Das Bundesgericht hat sich mit Urteil 5A_714/2021 vom 8. März 2022 mit einem Fuss- und Fahrwegrecht aus dem Jahr 1979 auseinander gesetzt.

Der Sachverhalt zeigt sich wie folgt: Das auf dem begünstigten Grundstück stehende Einfamilienhaus soll abgebrochen und durch ein Mehrfamilienhaus mit sechs Wohnungen, einer Sammelgarage für Oldtimer im Erdgeschoss und einer Tiefgarage mit 19 Plätzen sowie vier Abstellplätzen im Freien ersetzt werden. Die Eigentümer des mit dem Fuss- und Fahrwegrecht belasteten Grundstücks wehrten sich gegen die erteilte Baubewilligung und bestreiten die Zulässigkeit der Beanspruchung des Wegrechts sowohl für die Erwerber der Tiefgaragenplätze als auch derjenigen Person, die Oldtimer in der Garage einstellen möchte.

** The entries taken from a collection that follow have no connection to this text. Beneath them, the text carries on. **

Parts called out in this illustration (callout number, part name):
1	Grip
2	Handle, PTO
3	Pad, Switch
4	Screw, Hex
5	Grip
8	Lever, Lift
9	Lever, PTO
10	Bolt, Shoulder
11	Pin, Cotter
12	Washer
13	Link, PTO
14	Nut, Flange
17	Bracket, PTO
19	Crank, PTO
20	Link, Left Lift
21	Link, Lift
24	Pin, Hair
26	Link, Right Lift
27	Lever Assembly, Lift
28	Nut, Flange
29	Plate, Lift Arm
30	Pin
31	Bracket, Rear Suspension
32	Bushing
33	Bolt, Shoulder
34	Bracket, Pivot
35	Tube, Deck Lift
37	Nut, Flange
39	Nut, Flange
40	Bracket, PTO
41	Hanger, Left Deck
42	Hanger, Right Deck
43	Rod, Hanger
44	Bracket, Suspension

Ausgangspunkt für die Ermittlung von Inhalt und Umfang einer Dienstbarkeit ist der Grundbucheintrag (Art. 738 ZGB). Nur wenn sein Wortlaut unklar ist, darf auf den Erwerbsgrund (Begründungsakt) zurückgegriffen werden. Ist auch dieser nicht schlüssig, kann sich der Inhalt der Dienstbarkeit aus der Art ergeben, wie sie während längerer Zeit unangefochten und in gutem Glauben ausgeübt worden ist.

Der vorliegende Grundbucheintrag lautet lediglich “Fuss- und Fahrwegrecht”. Der Erwerbsgrund lautet wie folgt: “Der jeweilige Eigentümer der Liegenschaft […] räumt dem jeweiligen Eigentümer der Liegenschaft […] das freie und ungehinderte Fuss- und Fahrwegrecht auf der […] Zufahrtsstrasse ein. […]. Die Ausübung des Fahrwegrechts zu gewerblichen Zwecken ist untersagt.”

Vorliegend wurde ein gewerblicher Zweck verneint. Auch das Vorliegen einer unzumutbaren Mehrbelastung wurde abgetan. Die Eigentümer des belasteten Grundstücks müssen somit einen Mehrverkehr hinnehmen.

Empfehlung: Bei der Errichtung von Dienstbarkeiten sollten solche – hypothetische spätere Nutzungen – mitberücksichtigt und falls unerwünscht durch eine sorgfältige Formulierung ausgeschlossen werden.